Um processo de recuperação judicial em Mato Grosso avançou para a esfera criminal após a identificação de possível manipulação no andamento do caso. O juiz André Barbosa Guanaes Simões, da 1ª Vara Cível de Campo Verde, determinou o envio de cópias dos autos à polícia para investigar suspeitas de sonegação de informações e favorecimento de credores no processo do Grupo Pupin.
A decisão, publicada neste mês, também anulou a assembleia de credores e derrubou o aditivo ao plano de recuperação, após o magistrado reconhecer a existência de conflito de interesses na atuação da empresa Fource, responsável pela gestão da recuperação judicial.
Segundo os autos, a Fource foi contratada para administrar o processo e estruturar o plano de pagamento das dívidas, mas, ao mesmo tempo, adquiriu créditos do grupo com deságio e passou a atuar como uma das principais credoras. Para o juiz, essa sobreposição de funções comprometeu a regularidade do procedimento.

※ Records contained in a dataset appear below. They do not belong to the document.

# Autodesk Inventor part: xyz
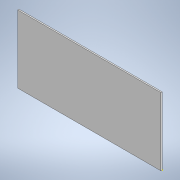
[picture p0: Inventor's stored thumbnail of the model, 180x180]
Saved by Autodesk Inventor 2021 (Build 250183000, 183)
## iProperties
Created: 2021-07
Part Number: xyz
Material: Generic
Document SubType Name: Modeling
Designer: CHIRAG
Density: 1 g/cm^3
Appearance: Default
Author: CHIRAG
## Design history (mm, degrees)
sketch "Sketch7"
  geometry: 1 further point
sketch "Sketch8"
  geometry: 1 further point
sketch "Sketch9"
  geometry: L1 (0, 0)-(-550, 0); L2 (-550, 0)-(-550, 260); L3 (-550, 260)-(0, 260); L4 (0, 260)-(0, 0)
  constraints: 8 end point, 2 parallel, 1 horizontal, 1 perpendicular
  dimensions: "d22" = 550 distance of L2.end L3.end; "d23" = 260 distance of L1.end L2.end
extrude "Extrusion6" new body sketch "Sketch9" distance "d24" = 5; taper "d25" = 0 deg
body "Solid2"

Na decisão, o magistrado apontou que representantes ligados ao grupo de investidores passaram a exercer influência direta tanto na gestão da recuperação quanto nas deliberações da assembleia, com poder de voto suficiente para interferir na aprovação do plano.
O juiz também destacou que a empresa participou da elaboração do aditivo ao plano enquanto já atuava como credora relevante, o que, segundo ele, garantiu vantagem em relação aos demais credores e afetou a igualdade de condições no processo.
Outro ponto ressaltado foi a tentativa de influência sobre o controle societário do grupo durante a assembleia. Para o magistrado, a atuação simultânea em posições distintas comprometeu a validade das decisões tomadas pelos credores.
Diante das irregularidades, o juiz declarou a nulidade da assembleia e invalidou o aditivo ao plano de recuperação. O plano original, no entanto, permanece em vigor.
Além das medidas no âmbito cível, o magistrado determinou o envio do processo à autoridade policial para apurar possíveis crimes previstos na Lei de Recuperação Judicial, como sonegação de informações e favorecimento de credores.
As suspeitas envolvendo a empresa também aparecem em investigação da Polícia Federal sobre um suposto esquema de venda de decisões judiciais. O inquérito apura indícios de fraude em processos de recuperação e possível corrupção de magistrados.
Na mesma decisão, o juiz determinou que o Grupo Pupin apresente, no prazo de 30 dias, uma nova proposta de adequação dos pagamentos, com base nas regras do plano original. Os credores deverão se manifestar antes de eventual convocação de nova assembleia.
Pedidos apresentados pelos recuperandos para suspensão de contratos e prestação de contas foram rejeitados, sob o entendimento de que essas questões devem ser discutidas em ações próprias.
O caso segue em tramitação e pode ter novos desdobramentos a partir das investigações policiais.